* **INFORMATION PROVIDED**:

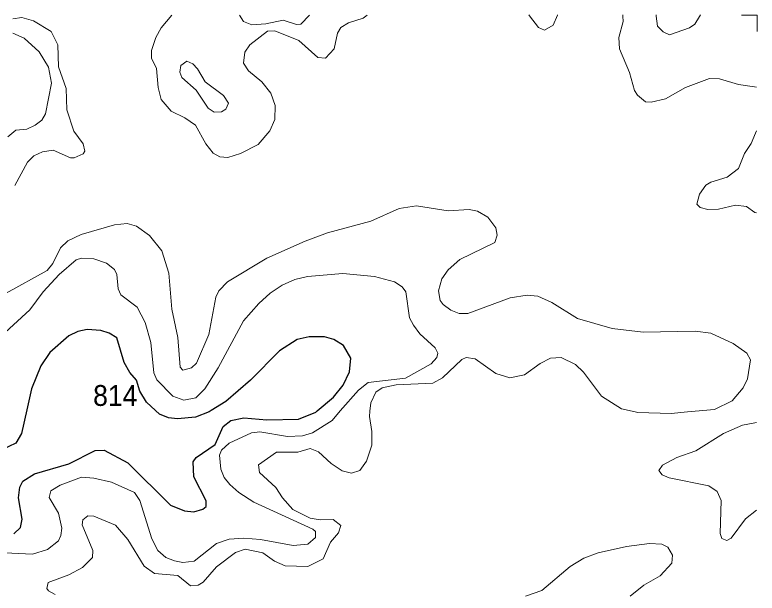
# Model space of a CAD drawing. Extents: x 473.9 to 500, y 7733.1 to 7760.8.
# Drawn here: x 497.152 to 500.003, y 7758.605 to 7760.825 of the extents above; entities that cross this region are included whole.
import ezdxf

# ---------------------------------------------------------------- set-up
doc = ezdxf.new("R2010")
doc.units = 0
doc.header["$LTSCALE"] = 0.032
for name, color, linetype, lineweight in [('1', 7, 'Continuous', 25), ('2', 7, 'Continuous', 13), ('63', 7, 'Continuous', 13)]:
    doc.layers.add(name, color=color, linetype=linetype, lineweight=lineweight)
doc.layers.add('21', color=7, linetype='Continuous')

msp = doc.modelspace()

# ---------------------------------------------------------------- linework, layer by layer
at = {"layer": '1'}
for points in [[(497.8371, 7759.1088), (497.8483, 7759.1257), (497.9216, 7759.1753), (497.9515, 7759.2453), (497.9814, 7759.2678), (498.0314, 7759.2785), (498.1198, 7759.2706), (498.2414, 7759.2734), (498.3074, 7759.3), (498.3132, 7759.3049), (498.3752, 7759.3578), (498.4132, 7759.4036), (498.4374, 7759.4547), (498.4428, 7759.5067), (498.4144, 7759.5554), (498.3771, 7759.5792), (498.3417, 7759.5889), (498.2826, 7759.5892), (498.2357, 7759.5792), (498.168, 7759.5351), (498.0568, 7759.423), (497.9625, 7759.341), (497.9062, 7759.3061), (497.8984, 7759.3013), (497.8463, 7759.2812), (497.776, 7759.2738), (497.742, 7759.2786), (497.7079, 7759.2928), (497.6925, 7759.3068), (497.6576, 7759.3386), (497.6313, 7759.3802), (497.6195, 7759.4223), (497.594, 7759.4519), (497.5721, 7759.4904), (497.543, 7759.5848), (497.5136, 7759.6034), (497.4821, 7759.6137), (497.4294, 7759.6178), (497.3934, 7759.61), (497.3593, 7759.5929), (497.286, 7759.5291), (497.2518, 7759.4778), (497.2155, 7759.3894), (497.1977, 7759.3083), (497.1779, 7759.218), (497.1554, 7759.1808), (497.1025, 7759.155)], [(497.1479, 7758.8325), (497.1739, 7758.857), (497.1806, 7758.8889), (497.1659, 7758.971), (497.1711, 7759.0118), (497.1824, 7759.0356), (497.227, 7759.0627), (497.3586, 7759.1013), (497.46, 7759.1531), (497.4954, 7759.1536), (497.5864, 7759.1053), (497.75, 7758.9434), (497.8033, 7758.9212), (497.8394, 7758.9175), (497.8733, 7758.928), (497.8861, 7758.9384), (497.8873, 7758.9596), (497.8396, 7759.0521), (497.8371, 7759.1088)]]:
    msp.add_lwpolyline(points, dxfattribs=at)
at = {"layer": '2'}
for points in [[(497.1436, 7760.8095), (497.1786, 7760.8151), (497.2237, 7760.8017), (497.2909, 7760.7604), (497.3172, 7760.7094), (497.3189, 7760.6248), (497.3493, 7760.5422), (497.3513, 7760.4598), (497.3783, 7760.3782), (497.4147, 7760.3295), (497.4209, 7760.3013), (497.4141, 7760.2914), (497.3796, 7760.2756), (497.3658, 7760.2758), (497.2987, 7760.3061), (497.258, 7760.2997), (497.2248, 7760.2838), (497.2005, 7760.2598), (497.1515, 7760.1698)], [(498.5054, 7760.8239), (498.4899, 7760.8115), (498.4329, 7760.7938), (498.404, 7760.776), (498.3914, 7760.7545), (498.3785, 7760.6943), (498.3452, 7760.6583), (498.3156, 7760.6605), (498.242, 7760.7258), (498.1499, 7760.7629), (498.1222, 7760.762), (498.0544, 7760.7093), (498.0356, 7760.6815), (498.03, 7760.6399), (498.0492, 7760.6101), (498.1006, 7760.5682), (498.1349, 7760.5246), (498.152, 7760.4769), (498.1502, 7760.4238), (498.1315, 7760.3798), (498.086, 7760.3275), (498.0179, 7760.2921), (497.9693, 7760.2773), (497.939, 7760.2795), (497.9141, 7760.2941), (497.8852, 7760.3293), (497.8456, 7760.4019), (497.8049, 7760.4302), (497.7525, 7760.455), (497.7141, 7760.4999), (497.7018, 7760.5455), (497.6957, 7760.6189), (497.6761, 7760.6582), (497.6767, 7760.6886), (497.6935, 7760.7374), (497.7143, 7760.775), (497.7554, 7760.8233)], [(498.0145, 7760.8235), (498.03, 7760.7998), (498.0619, 7760.787), (498.1155, 7760.7904), (498.182, 7760.8047), (498.2335, 7760.7883), (498.2506, 7760.7886), (498.2837, 7760.8237)], [(499.1261, 7760.8243), (499.1286, 7760.8211), (499.1627, 7760.7764), (499.1867, 7760.7654), (499.2198, 7760.7858), (499.2359, 7760.824), (499.2361, 7760.8244)], [(500, 7760.5479), (499.9928, 7760.5489), (499.9317, 7760.5572), (499.8581, 7760.5795), (499.8198, 7760.5806), (499.7273, 7760.5462), (499.6508, 7760.5022), (499.5964, 7760.4893), (499.5745, 7760.4909), (499.5434, 7760.5162), (499.5314, 7760.5341), (499.5128, 7760.6033), (499.4737, 7760.695), (499.4713, 7760.7383), (499.4878, 7760.7995), (499.4867, 7760.8192), (499.4864, 7760.8246)], [(499.6151, 7760.8247), (499.6156, 7760.8202), (499.6203, 7760.7816), (499.6424, 7760.7594), (499.6658, 7760.7486), (499.7436, 7760.775), (499.7631, 7760.7895), (499.7812, 7760.8179), (499.7856, 7760.8248)], [(497.1438, 7760.7548), (497.1873, 7760.7347), (497.2451, 7760.6825), (497.2805, 7760.6238), (497.2926, 7760.5627), (497.2701, 7760.4453), (497.2556, 7760.4212), (497.2299, 7760.4011), (497.1985, 7760.3866), (497.1551, 7760.3818), (497.1245, 7760.3568)], [(500, 7760.3791), (499.9965, 7760.3705), (499.9803, 7760.3309), (499.9542, 7760.293), (499.9314, 7760.2348), (499.888, 7760.2014), (499.8254, 7760.1827), (499.8062, 7760.1712), (499.781, 7760.1365), (499.7712, 7760.0985), (499.7845, 7760.0849), (499.8137, 7760.0778), (499.8544, 7760.0795), (499.9192, 7760.0946), (499.9615, 7760.0895), (499.9938, 7760.0663), (500, 7760.065)], [(497.8493, 7759.4879), (497.8969, 7759.598), (497.924, 7759.7414), (497.9358, 7759.765), (497.968, 7759.7995), (498.1199, 7759.8904), (498.2673, 7759.9568), (498.3531, 7759.9877), (498.5197, 7760.0326), (498.6275, 7760.0814), (498.6939, 7760.0922), (498.8165, 7760.0731), (498.8964, 7760.0778), (498.9292, 7760.0716), (498.9689, 7760.0488), (498.9994, 7760.0069), (499.0049, 7759.979), (498.9952, 7759.9509), (498.8611, 7759.8856), (498.8162, 7759.8464), (498.7913, 7759.8117), (498.7792, 7759.765), (498.7858, 7759.7289), (498.7965, 7759.7128), (498.8263, 7759.6916), (498.859, 7759.6785), (498.8923, 7759.6783), (499.0546, 7759.7382), (499.1201, 7759.7489), (499.1602, 7759.7457), (499.2144, 7759.721), (499.3126, 7759.6593), (499.4459, 7759.6205), (499.5654, 7759.6075), (499.765, 7759.6107), (499.8245, 7759.6028), (499.9112, 7759.5632), (499.9628, 7759.5265), (499.9768, 7759.5012), (499.9664, 7759.4275), (499.9496, 7759.393), (499.9072, 7759.3431), (499.8392, 7759.3106), (499.735, 7759.3006), (499.6732, 7759.2947), (499.5449, 7759.2989), (499.5346, 7759.3012), (499.4815, 7759.3132), (499.4055, 7759.3615), (499.3355, 7759.454), (499.3058, 7759.4834), (499.2501, 7759.5103), (499.2086, 7759.5068), (499.1701, 7759.4868), (499.1096, 7759.443), (499.053, 7759.4313), (498.9994, 7759.4483), (498.92, 7759.5047), (498.8852, 7759.5099), (498.8681, 7759.5025), (498.7946, 7759.432), (498.7577, 7759.4111), (498.6167, 7759.4048), (498.5622, 7759.3927), (498.5388, 7759.3764), (498.519, 7759.3351), (498.5159, 7759.3043), (498.5138, 7759.2833), (498.5234, 7759.2258), (498.5227, 7759.1736), (498.5022, 7759.1116), (498.4775, 7759.0765), (498.4449, 7759.0663), (498.4094, 7759.0744), (498.3674, 7759.1026), (498.3182, 7759.1474), (498.2864, 7759.1603), (498.2392, 7759.1458), (498.1566, 7759.1459), (498.0881, 7759.0972), (498.092, 7759.0686), (498.154, 7759.0105), (498.1793, 7758.9713), (498.22, 7758.9269), (498.2857, 7758.8933), (498.3248, 7758.8864), (498.3742, 7758.8884), (498.4033, 7758.8651), (498.3953, 7758.8369), (498.3637, 7758.8007), (498.3359, 7758.7371), (498.2771, 7758.7078), (498.1897, 7758.71), (498.1492, 7758.728), (498.104, 7758.7597), (498.0364, 7758.7742), (497.999, 7758.7613), (497.9266, 7758.7057), (497.8746, 7758.6469), (497.8556, 7758.6355)], [(497.1187, 7759.7568), (497.276, 7759.8442), (497.298, 7759.8711), (497.3271, 7759.9306), (497.3551, 7759.958), (497.4066, 7759.9815), (497.534, 7760.019), (497.5833, 7760.0238), (497.6197, 7760.0135), (497.6696, 7759.978), (497.717, 7759.9193), (497.7433, 7759.8331), (497.7549, 7759.6958), (497.7781, 7759.5866), (497.787, 7759.4723), (497.7966, 7759.461), (497.8304, 7759.4699), (497.8493, 7759.4879)], [(497.0996, 7759.5914), (497.209, 7759.6927), (497.2604, 7759.7619), (497.3215, 7759.8278), (497.3875, 7759.8849), (497.4083, 7759.8905), (497.4558, 7759.8881), (497.504, 7759.872), (497.5346, 7759.8479), (497.5442, 7759.8278), (497.549, 7759.7739), (497.5587, 7759.7506), (497.6214, 7759.7024), (497.6528, 7759.6445), (497.6745, 7759.5673), (497.6857, 7759.4515), (497.6978, 7759.4242), (497.7581, 7759.3615), (497.8015, 7759.3462), (497.8465, 7759.355), (497.8819, 7759.3896), (497.9334, 7759.47), (498.0298, 7759.6509), (498.0893, 7759.7169), (498.1328, 7759.7562), (498.1786, 7759.7868), (498.2277, 7759.8093), (498.2759, 7759.8206), (498.411, 7759.8326), (498.5332, 7759.8206), (498.6104, 7759.7997), (498.6401, 7759.7804), (498.6538, 7759.7619), (498.6682, 7759.6622), (498.6827, 7759.6332), (498.7068, 7759.6011), (498.7663, 7759.5472), (498.7768, 7759.5263), (498.772, 7759.5094), (498.7503, 7759.4853), (498.6522, 7759.4298), (498.5091, 7759.4137)], [(498.5091, 7759.4137), (498.4721, 7759.3848), (498.4019, 7759.3046), (498.37, 7759.2682), (498.2952, 7759.22), (498.2566, 7759.2087), (498.1987, 7759.2071), (498.0926, 7759.224), (498.0604, 7759.2208), (497.9752, 7759.1814), (497.9454, 7759.154), (497.9382, 7759.1348), (497.943, 7759.0817), (497.9559, 7759.0495), (497.9776, 7759.0222), (498.0122, 7758.9916), (498.0701, 7758.9546), (498.2968, 7758.8509), (498.3064, 7758.8413), (498.3072, 7758.8188), (498.2775, 7758.793), (498.2212, 7758.7882), (498.0958, 7758.8115), (498.0315, 7758.8163), (497.9752, 7758.8131), (497.9269, 7758.7962), (497.8401, 7758.7279), (497.7967, 7758.7223), (497.7645, 7758.7287), (497.7324, 7758.7416), (497.701, 7758.7689), (497.6777, 7758.8139), (497.6319, 7758.9611), (497.611, 7758.9916), (497.5233, 7759.031), (497.4558, 7759.0471), (497.4076, 7759.0503), (497.3255, 7759.0198), (497.2902, 7758.9981), (497.2837, 7758.9723), (497.3199, 7758.9128), (497.3328, 7758.855), (497.3287, 7758.826), (497.3191, 7758.8067), (497.2773, 7758.7729), (497.2194, 7758.7552), (497.0602, 7758.7625)], [(500, 7758.9241), (499.9581, 7758.891), (499.9029, 7758.8169), (499.886, 7758.8075), (499.8669, 7758.8153), (499.8607, 7758.834), (499.8645, 7758.9605), (499.8499, 7758.9949), (499.8171, 7759.0178), (499.6646, 7759.0483), (499.6386, 7759.0598), (499.6249, 7759.0756), (499.6389, 7759.097), (499.6947, 7759.1261), (499.7679, 7759.1515), (499.8737, 7759.218), (499.946, 7759.25), (499.9941, 7759.2586), (500, 7759.2597)], [(497.8556, 7758.6355), (497.8271, 7758.6332), (497.7783, 7758.6733), (497.6879, 7758.6804), (497.6483, 7758.7083), (497.5859, 7758.8114), (497.5382, 7758.8664), (497.4546, 7758.9002), (497.4321, 7758.9017), (497.4128, 7758.8873), (497.41, 7758.867), (497.4514, 7758.7686), (497.4505, 7758.7421), (497.4118, 7758.7043), (497.3597, 7758.6759), (497.2803, 7758.6467), (497.2749, 7758.6235), (497.281, 7758.6138), (497.3062, 7758.6002)], [(499.1131, 7758.5942), (499.1754, 7758.6155), (499.2852, 7758.7078), (499.3376, 7758.7392), (499.3918, 7758.76), (499.5006, 7758.7848), (499.5897, 7758.7953), (499.6362, 7758.7936), (499.66, 7758.7823), (499.678, 7758.7514), (499.6748, 7758.7205), (499.6301, 7758.672), (499.5678, 7758.6364), (499.5157, 7758.5943)]]:
    msp.add_lwpolyline(points, dxfattribs=at)
msp.add_lwpolyline([(497.8826, 7760.5678), (497.8537, 7760.6173), (497.8352, 7760.6373), (497.8128, 7760.6467), (497.79, 7760.6308), (497.7854, 7760.6051), (497.7937, 7760.5847), (497.8488, 7760.5352), (497.894, 7760.4664), (497.9172, 7760.4518), (497.946, 7760.4525), (497.9628, 7760.463), (497.9724, 7760.4859), (497.9534, 7760.5151)], close=True, dxfattribs=at)
at = {"layer": '63'}
msp.add_lwpolyline([(500.0029, 7760.7614), (500.0029, 7760.823), (499.9422, 7760.823)], dxfattribs=at)

# ---------------------------------------------------------------- texts
at = {"layer": '21', "width": 0.95}
msp.add_text('814', height=0.08, dxfattribs=at).set_placement((497.4526, 7759.3239))

doc.saveas('drawing.dxf')

* **INSTRUCTIONS FOR THE TASK**: Only the lines from the one holding "height=0.08, dxfattribs=at).set_placement((497.4526, 7759.3239))" through the end of the records should appear in the answer, each repeated exactly.

* **RESULT OF THE EXERCISE**:
msp.add_text('814', height=0.08, dxfattribs=at).set_placement((497.4526, 7759.3239))

doc.saveas('drawing.dxf')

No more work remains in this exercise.